In future versions of the app, if an approppriate anonymous communication network appears, we may include the option of submitting data anonymously to the backend.
### P6: Why do infected people upload a seed (which enables recreating `EphIDs`) instead of their individual EphIDs ?
This is a choice that is made purely for performance reasons. It is much more
efficient to send a single 32 byte seed than sending all EphIDs generated during
the infectious period (e.g., 21 days). We are aware that this makes the EphIDs
of infected patients linkable during the infectious period.
For comparison, sending 21 days of EphIDs rotated every 15 minutes requires
sending 32kB per infected patient. Even when compressing these EphIDs in a
cuckoo filter, wed need around 8kB per infected patient.
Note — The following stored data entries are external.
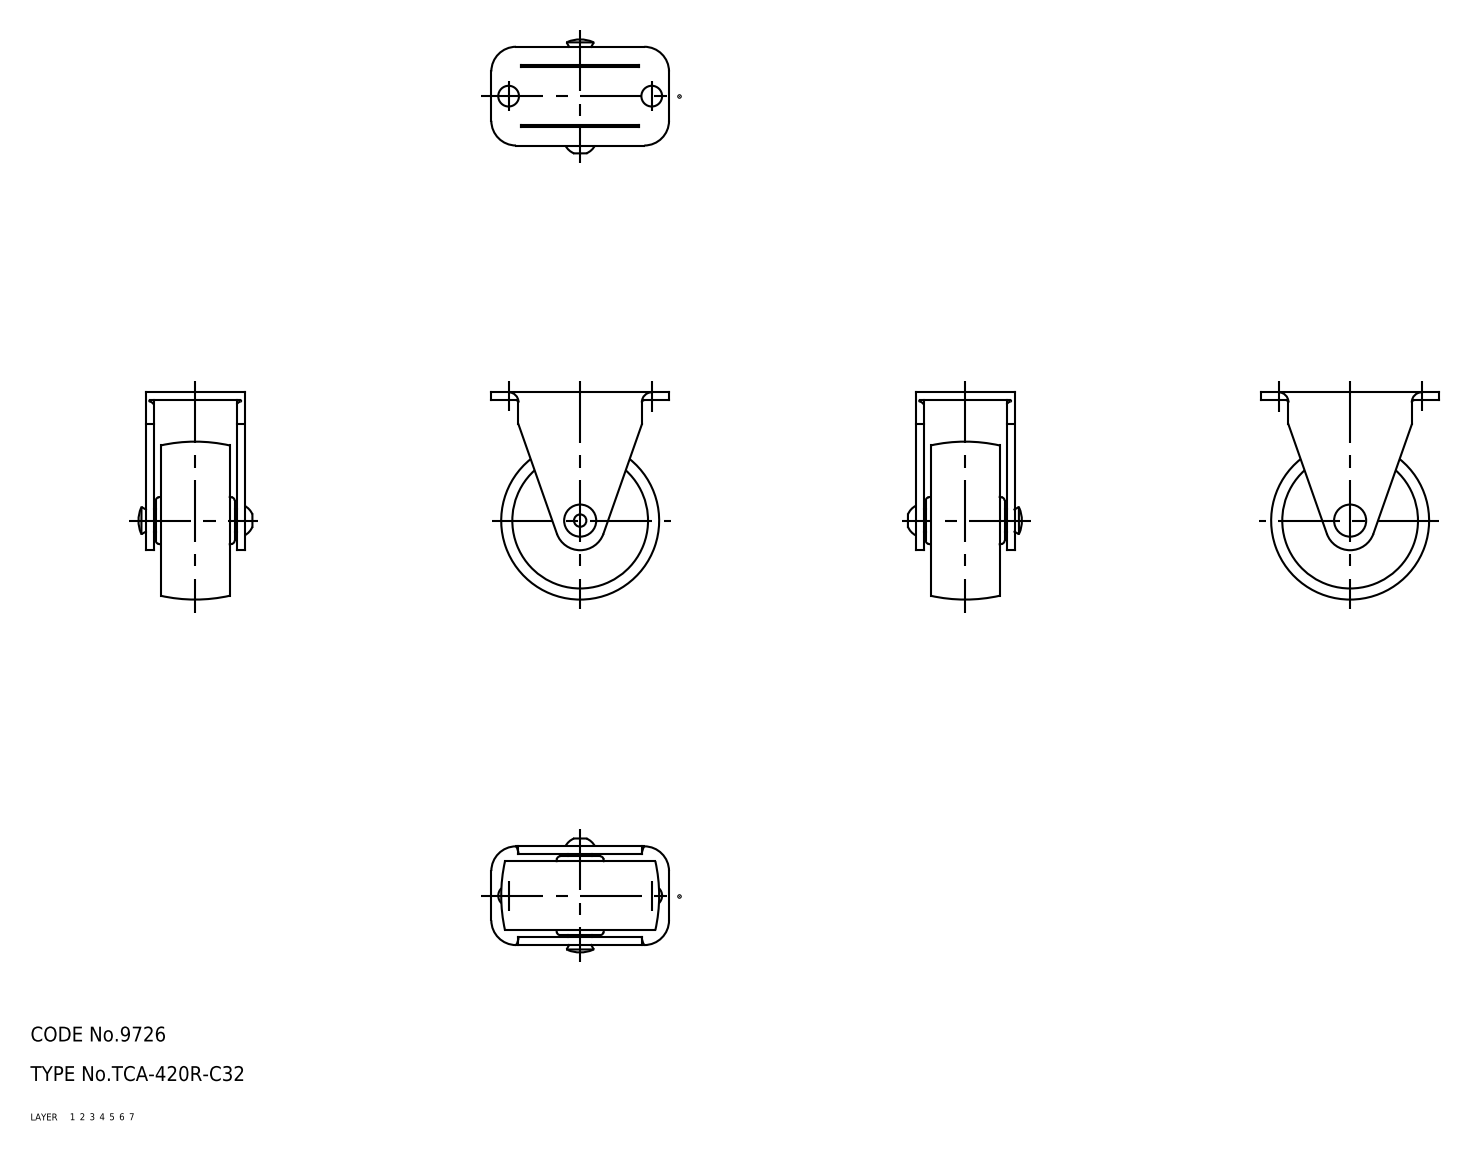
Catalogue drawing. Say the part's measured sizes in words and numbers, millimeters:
The part is named "wheel; axle; No_420_R_C32_2_32756_36". Its 3-D file was written by "CADfix (AUTOMOTIVE_DESIGN)". It is 3 solids with 89 faces: 0 planar, 0 cylindrical and 89 other. Overall it measures 42 by 36 by 23.09 millimeters. Its volume is 11 303 cubic millimeters and its surface area 7 729 square millimeters.
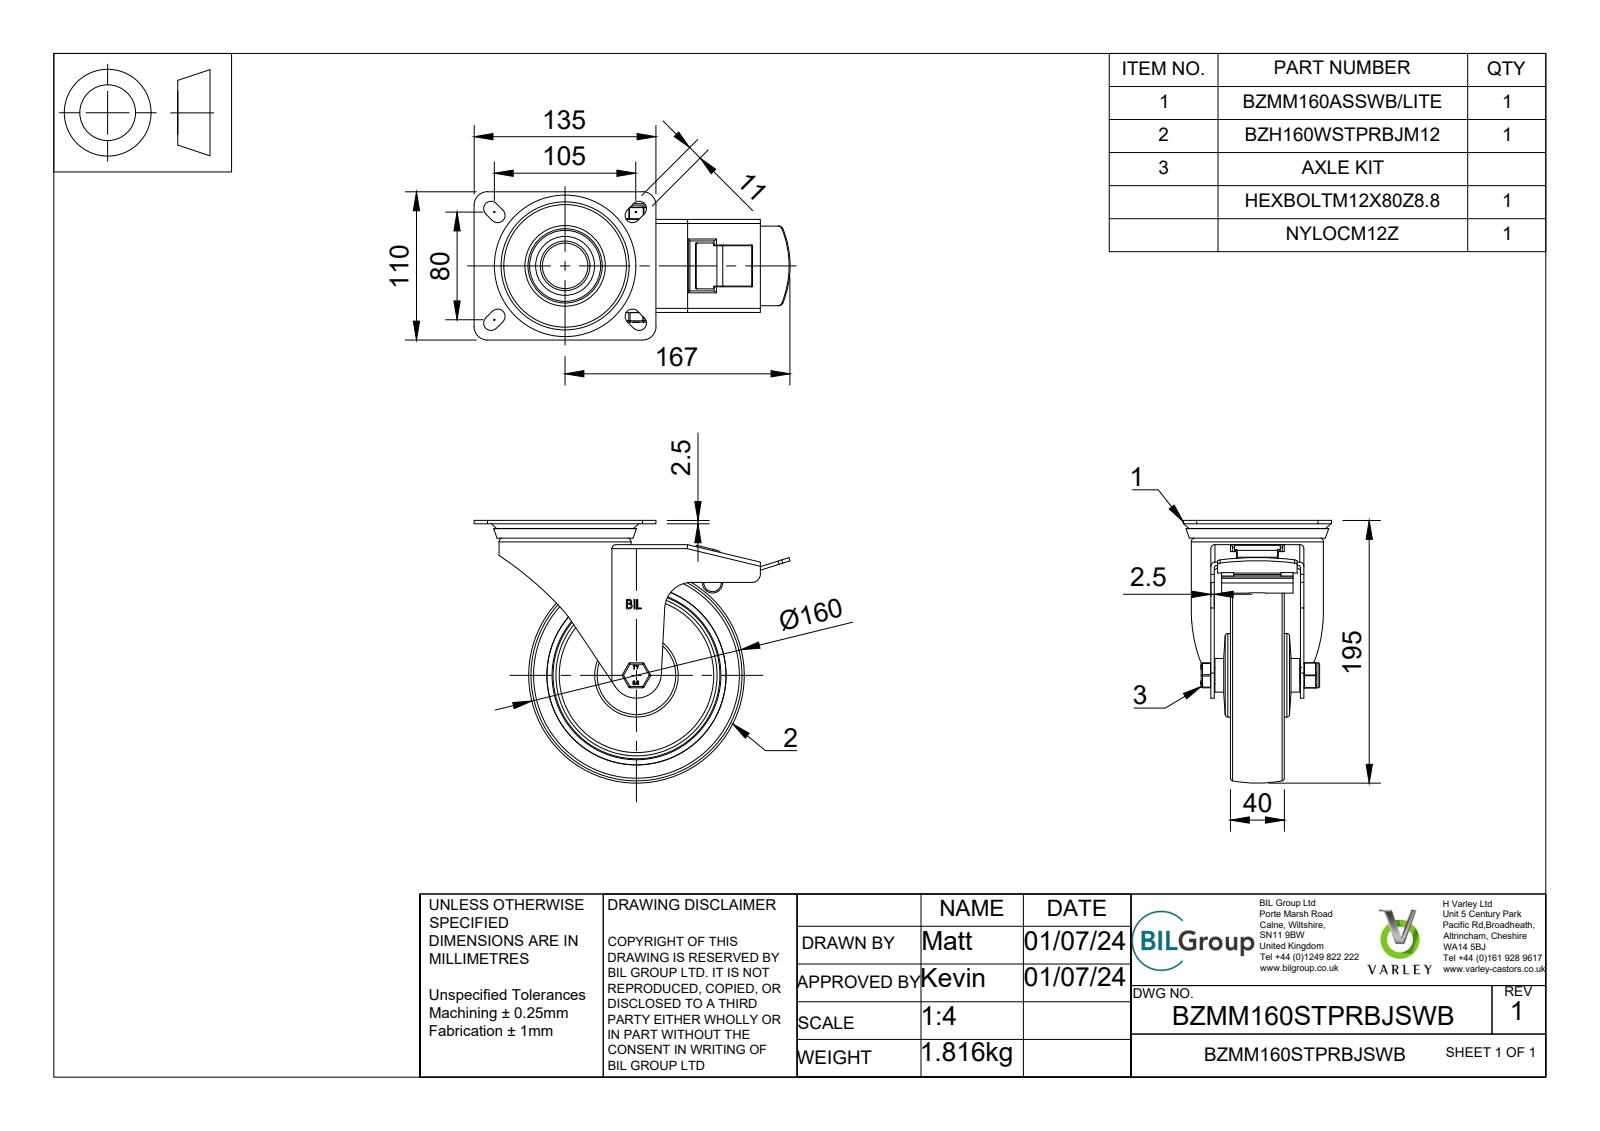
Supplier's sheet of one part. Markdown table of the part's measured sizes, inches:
| quantity | value |
| --- | --- |
| part name | BZMM160STPRBJSWB v3; BZH160WSTPRBJM12 v1; 65 SHORE A THERMOPLASTIC RUBBER TYRE; POLYPROPYLENE RIM (+7 more) |
| STEP written by | Autodesk Translation Framework v13.14.0.145 (AUTOMOTIVE_DESIGN) |
| units | inches |
| bodies | 65 solids, 919 faces (377 planar, 213 cylindrical, 329 other) |
| overall size | 9.232 × 7.677 × 4.331 |
| volume | 39.98 in³ |
| surface area | 465.9 in² |
| round holes (diameter × count) | 0.402 × 1, 0.472 × 1, 0.496 × 1, 0.551 × 1, 0.787 × 1, 1.122 × 1, 1.213 × 1, 1.329 × 1, 1.565 × 1, 1.587 × 1, 1.594 × 1, 1.654 × 1 |
| round bosses / shafts (diameter × count) | 3.858 × 1, 3.071 × 1, 2.441 × 1, 2.224 × 1, 1.969 × 1, 1.89 × 1, 1.606 × 1, 1.232 × 1 |
| partial cylindrical surfaces (radius × count) | 0.02 × 19, 0.039 × 13, 0.059 × 12, 0.217 × 8, 0.118 × 7, 0.03 × 6, 0.079 × 4, 0.394 × 4 |
| main face-to-face distances | 0.098, 0.472, 1.486, 0.659, 0.915, 0.256, 0.571, 1.23, 2.146, 0.354 |
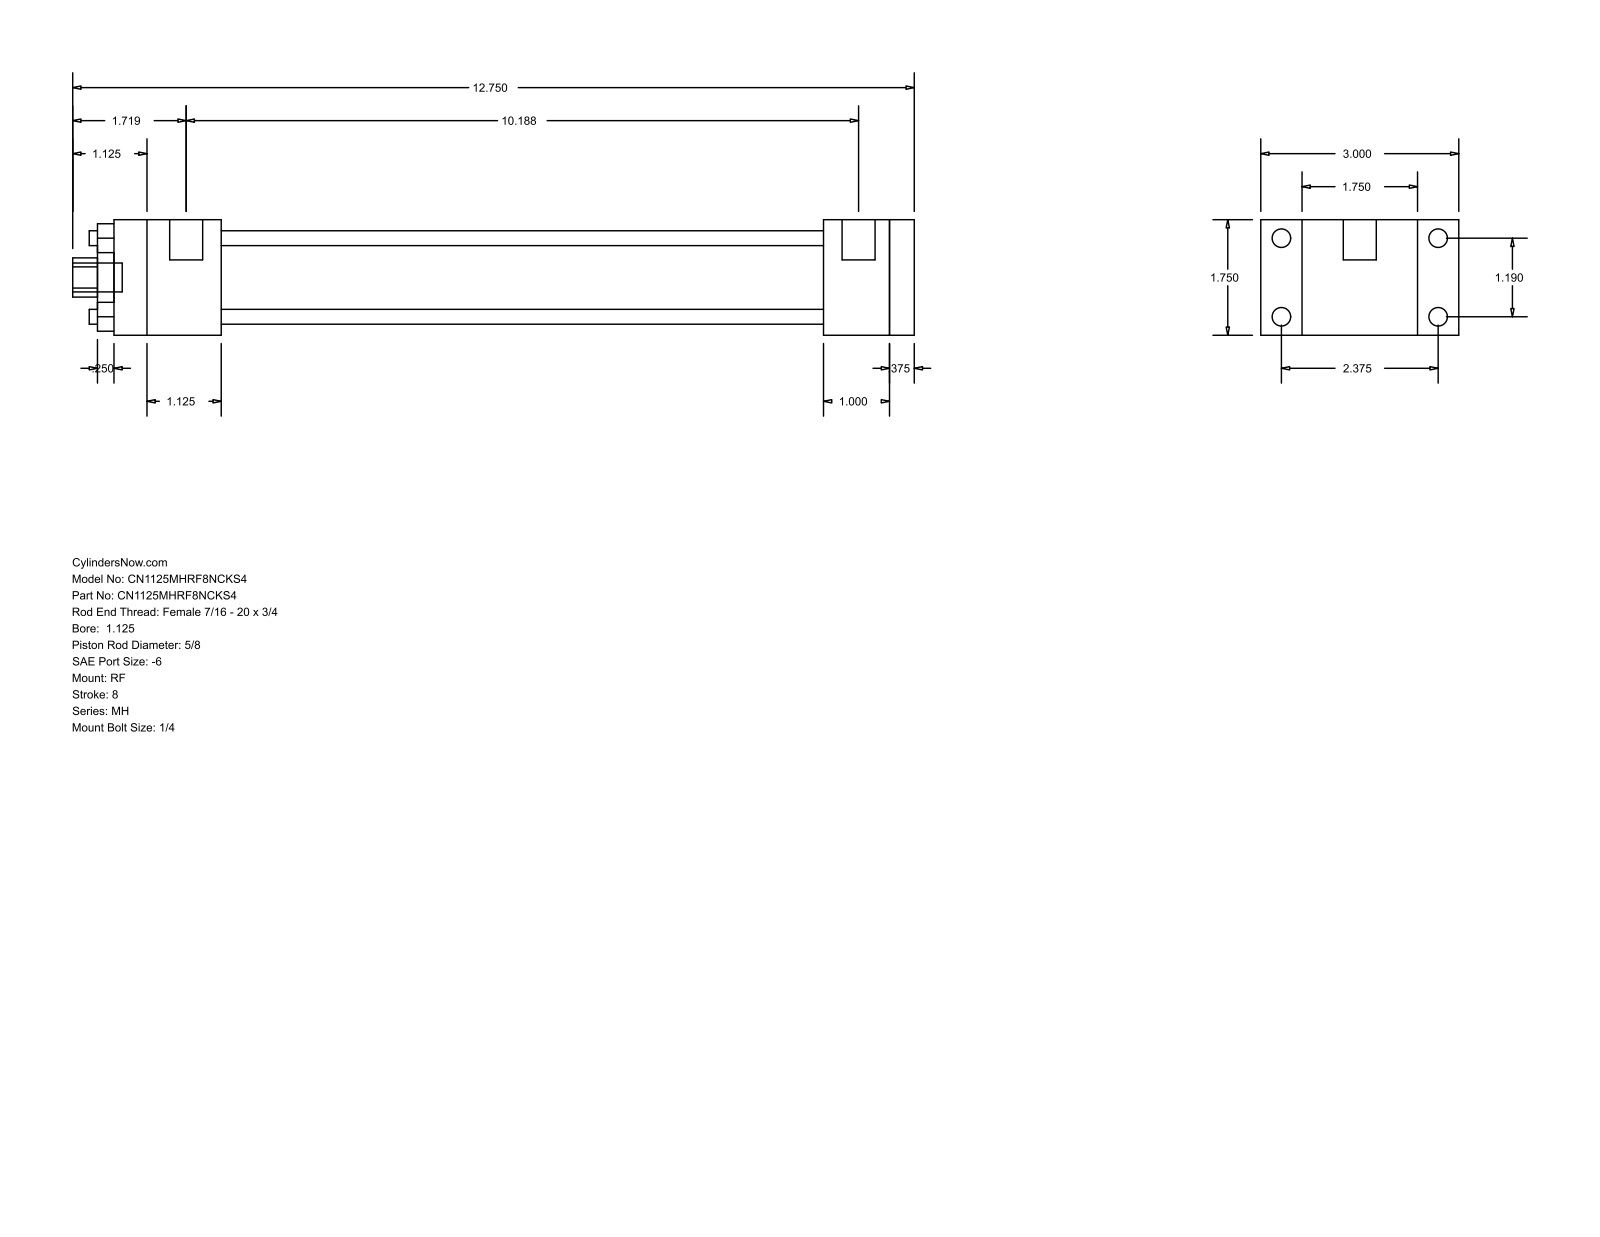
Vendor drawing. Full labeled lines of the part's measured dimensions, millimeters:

So smartphones would need
to download at least 2 orders of magnitude more (e.g., for 30k infected a day:
from around 1 MB to 230 MB per day).
We are working on alternatives, and explored: sending all generated EphIDs in a
cuckoo filter, using a hierarchical structure (keys per day, keys per 4 hours
etc.) so that users can do a more granular release, and smaller-region versions
of those (e.g., work per state rather than country to lower communication cost).
All of these have downsides, either in computation, bandwidth or
interoperability/leakage cost. Were trying to find a good middle ground. If you
have an idea that we did not yet list, please do reach out to us!
### P7: Why do you call your design "decentralized" while having a backend?
We call our design decentralized because there is not central point of trust for
security and privacy. All critical operations: creating EphIDs and matching
observations are done locally in each phone. The backend server is only needed
to ensure availability. However, it does not maintain any secrets. Attackers do
not gain anything by compromising the backend. All privacy-sensitive information
is decentralized, and stored on individuals phones.